=== Material for the task ===

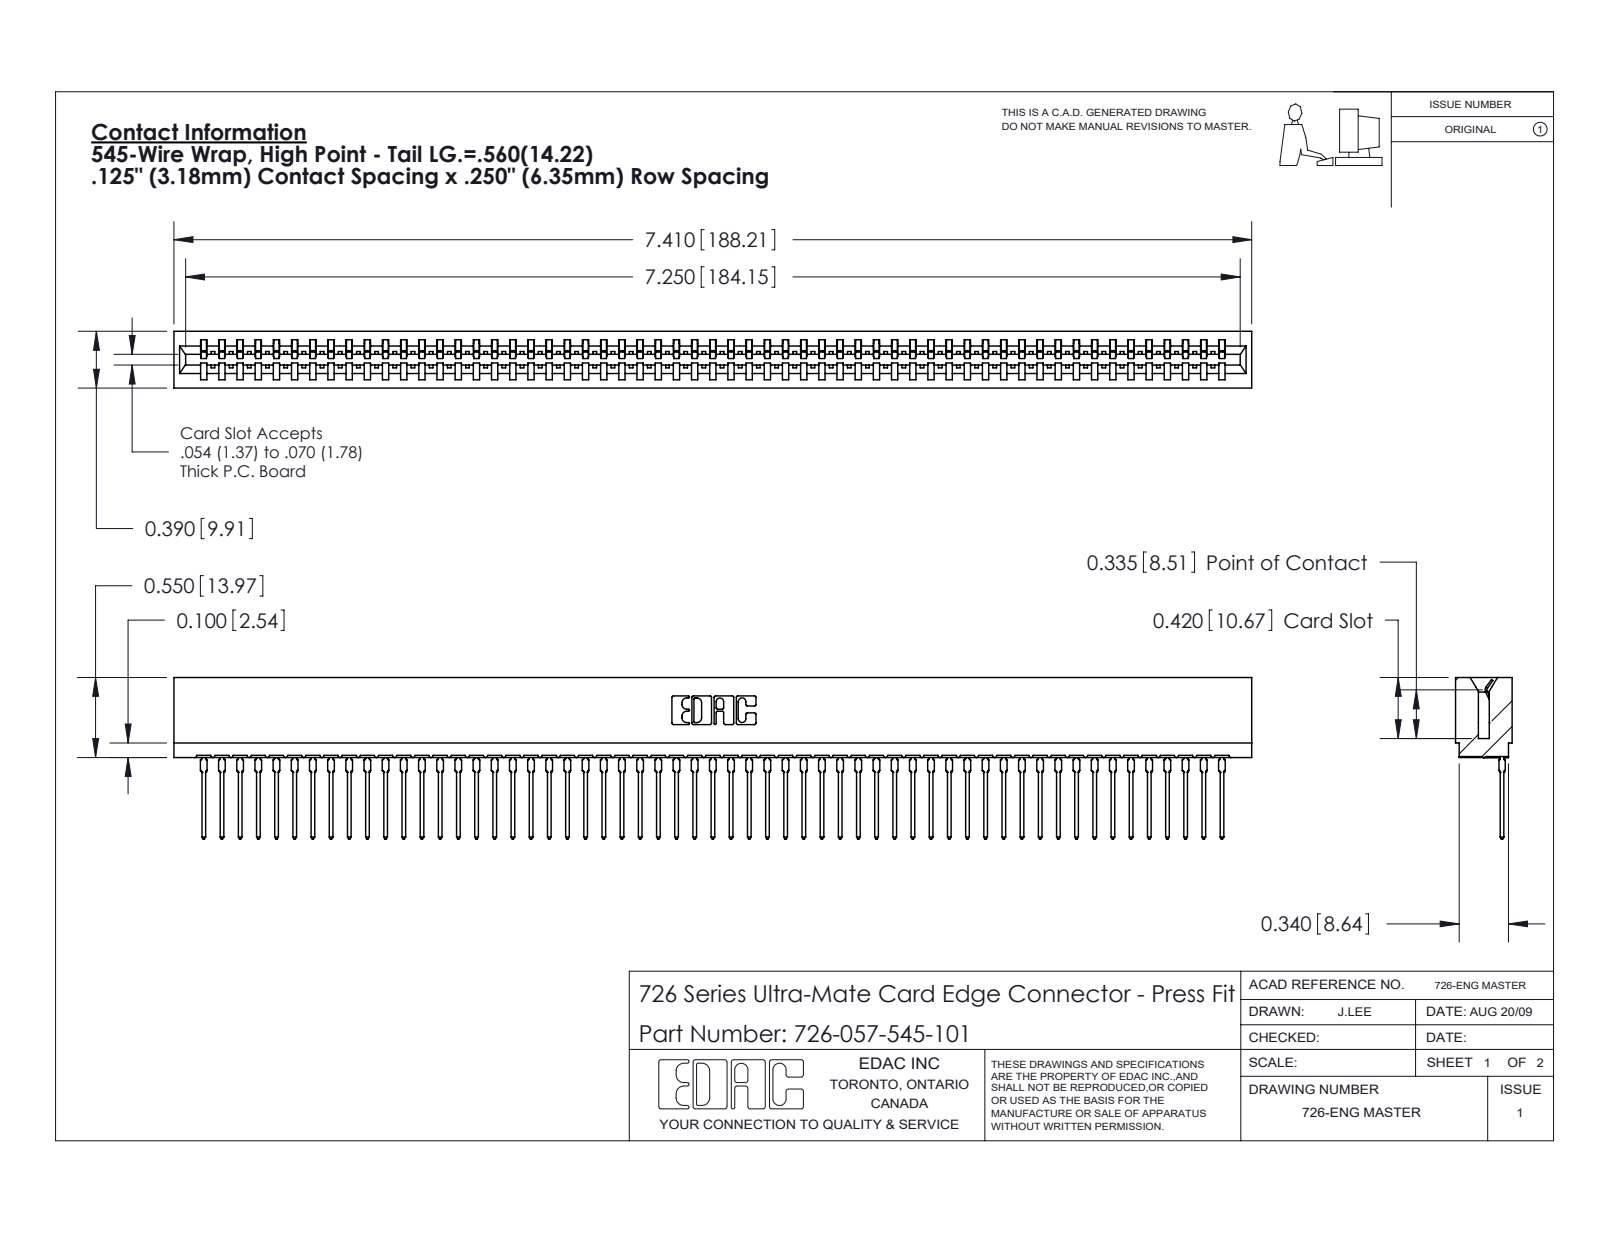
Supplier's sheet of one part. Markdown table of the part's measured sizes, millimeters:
| quantity | value |
| --- | --- |
| part name | 746-292-001_545; 726-057-545-101; 726 Part_.515 Slot Depth - 01 |
| STEP written by | SolidWorks 2020 (CONFIG_CONTROL_DESIGN) |
| units | millimeters |
| bodies | 58 solids, 6253 faces (3646 planar, 1125 cylindrical, 1482 other) |
| overall size | 188.2 × 28.2 × 9.9 |
| volume | 16 880 mm³ |
| surface area | 26 770 mm² |
| partial cylindrical surfaces (radius × count) | 0.5 × 114, 0.4 × 58, 0.3 × 22, 0.2 × 6, 0.8 × 6, 0.1 × 4, 0.3 × 4, 0.7 × 3 |
| main face-to-face distances | 1.4, 8.5, 9.9, 0.6, 7.8, 6.4, 2.1, 7, 9.3, 0.8 |

===

How to complete this task: Transcribe the records verbatim and omit the images.

Reply to the task:
Supplier's sheet of one part. Markdown table of the part's measured sizes, millimeters:
| quantity | value |
| --- | --- |
| part name | 746-292-001_545; 726-057-545-101; 726 Part_.515 Slot Depth - 01 |
| STEP written by | SolidWorks 2020 (CONFIG_CONTROL_DESIGN) |
| units | millimeters |
| bodies | 58 solids, 6253 faces (3646 planar, 1125 cylindrical, 1482 other) |
| overall size | 188.2 × 28.2 × 9.9 |
| volume | 16 880 mm³ |
| surface area | 26 770 mm² |
| partial cylindrical surfaces (radius × count) | 0.5 × 114, 0.4 × 58, 0.3 × 22, 0.2 × 6, 0.8 × 6, 0.1 × 4, 0.3 × 4, 0.7 × 3 |
| main face-to-face distances | 1.4, 8.5, 9.9, 0.6, 7.8, 6.4, 2.1, 7, 9.3, 0.8 |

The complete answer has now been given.